# Fourier Descriptors

Fourier Descriptors are a way of encoding the shape of a two-dimensional object by taking the Fourier transform of the boundary, where every (x,y) point on the boundary is mapped to a complex number x + Sqrt[-1] y. The original shape can be recovered from the inverse Fourier transform. However, if only a few terms of the inverse are used, the boundary becomes simplified, providing a way to smooth or filter the boundary. In this demonstration, you can select from a variety of different shapes, and then reconstruct the shape from different numbers of the descriptors. When the number is small, the resulting reconstruction is greatly simplified; as the number increases the reconstruction converges to the original.

### SNAPSHOTS ### DETAILS

The Fourier Descriptors of a shape are calculated by:
(1) Find the coordinates of the edge pixels of a shape and put them in a list in order going clockwise around the shape.
(2) Define a complex-valued vector using the coordinates obtained from (1). For example: {3,4} -> 3+4j.
(3) Take the Discrete Fourier Transform of the complex-valued vector in (2).

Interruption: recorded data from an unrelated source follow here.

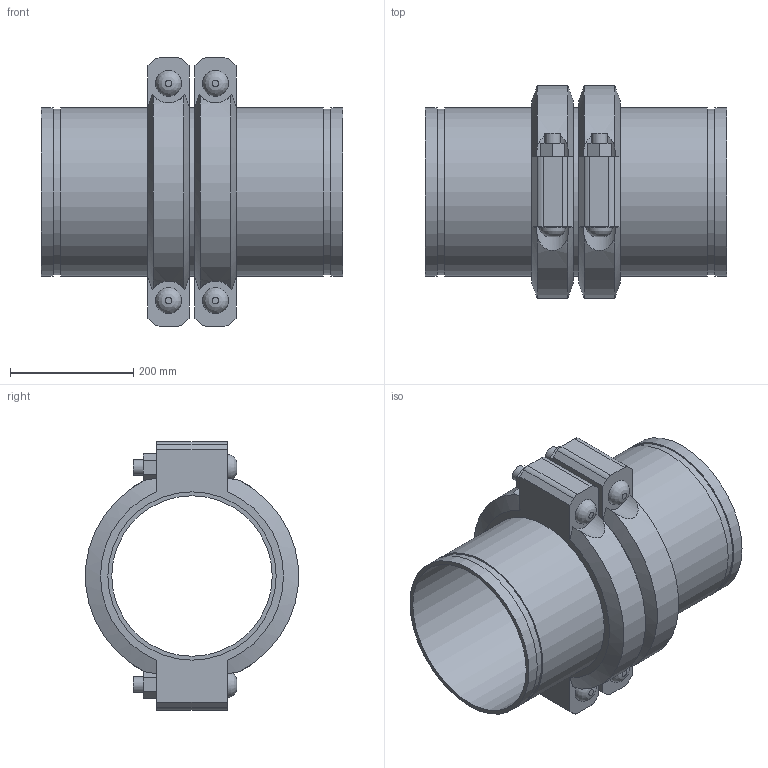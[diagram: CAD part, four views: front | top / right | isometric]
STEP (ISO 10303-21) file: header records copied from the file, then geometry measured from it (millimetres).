
FILE_DESCRIPTION(/* description */ ('VIC SS EXPANSION JOINT 2 COUPLINGS EXPANDED STYLE 155P (OGS) (POTABLE WATER) ','CAx-IF Rec.Pracs.---Representation and Presentation of Product Manufacturing Information (PMI)---4.0---2014-10-13'),/* implementation_level */ '2;1');
FILE_NAME(/* name */ 'C:\Users\kkamble\AppData\Roaming\Autodesk\ApplicationPlugins\Victaulic.Temp\A661\Victaulic_SS_Expansion Joint_Expanded_2 Couplings_Style 155P (OGS)-Potable Water_2 Coup_Expd_10 (250).stp',/* time_stamp */ '2021-07-16T16:49:09+05:00',/* author */ ('kkamble'),/* organization */ ('Victaulic'),/* preprocessor_version */ 'ST-DEVELOPER v17.2',/* originating_system */ 'Autodesk Inventor 2019',/* authorisation */ '');
FILE_SCHEMA (('AP242_MANAGED_MODEL_BASED_3D_ENGINEERING_MIM_LF { 1 0 10303 442 1 1 4 }'));
Length unit declared in the file: inch
Products named in the file (4): 155P-10.0; Nipple-10.0; Nipple-10.0_1; 077-10.0
Assembly tree (5 placements, depth 2):
  155P-10.0
    Nipple-10.0  x2
    Nipple-10.0_1
    077-10.0  x2
Bounding box: 488.95 x 344.9 x 435.1 mm (x, y, z)
Volume: 8280026.1 mm3; surface area: 1423830.5 mm2
Topology: 5 solids, 9 shells, 158 faces, 380 edges, 268 vertices
Faces by surface type: plane 90, cylinder 56, cone 8, bspline 4
Full cylindrical faces by diameter (mm): 25.4 x8, 27.432 x4, 260.35 x3, 264.16 x2, 268.275 x6, 273.05 x13
Entity records: 3016 total; most frequent: CARTESIAN_POINT 669, DIRECTION 465, ORIENTED_EDGE 410, EDGE_CURVE 205, AXIS2_PLACEMENT_3D 188, VERTEX_POINT 146, EDGE_LOOP 111, CIRCLE 96

Fourier descriptors inherit several properties from the Fourier transform:
(a) Translation invariance: no matter where the shape is located in the image the Fourier descriptors remain the same.
(b) Scaling: if the shape is scaled by a factor, the Fourier descriptors are scaled by that same factor.
(c) Rotation and starting point: Rotating the shape or selecting a different starting point only affects the phase of the descriptors.

Because the discrete Fourier transform is invertible, all the information about the shape is contained in the Fourier descriptors. A common thing to do with Fourier descriptors is to set the descriptors corresponding to values above a certain frequency to zero and then reconstruct the shape. The effect of this is a low pass filtering of the shape, smoothing the boundary. Since many shapes can be approximated with a small number of parameters, Fourier descriptors are commonly used to classify shapes.
The slider let's you choose how many terms to use in the reconstruction. With more terms, the shape looks more like the original. With fewer terms, the shape becomes smoother and rounder.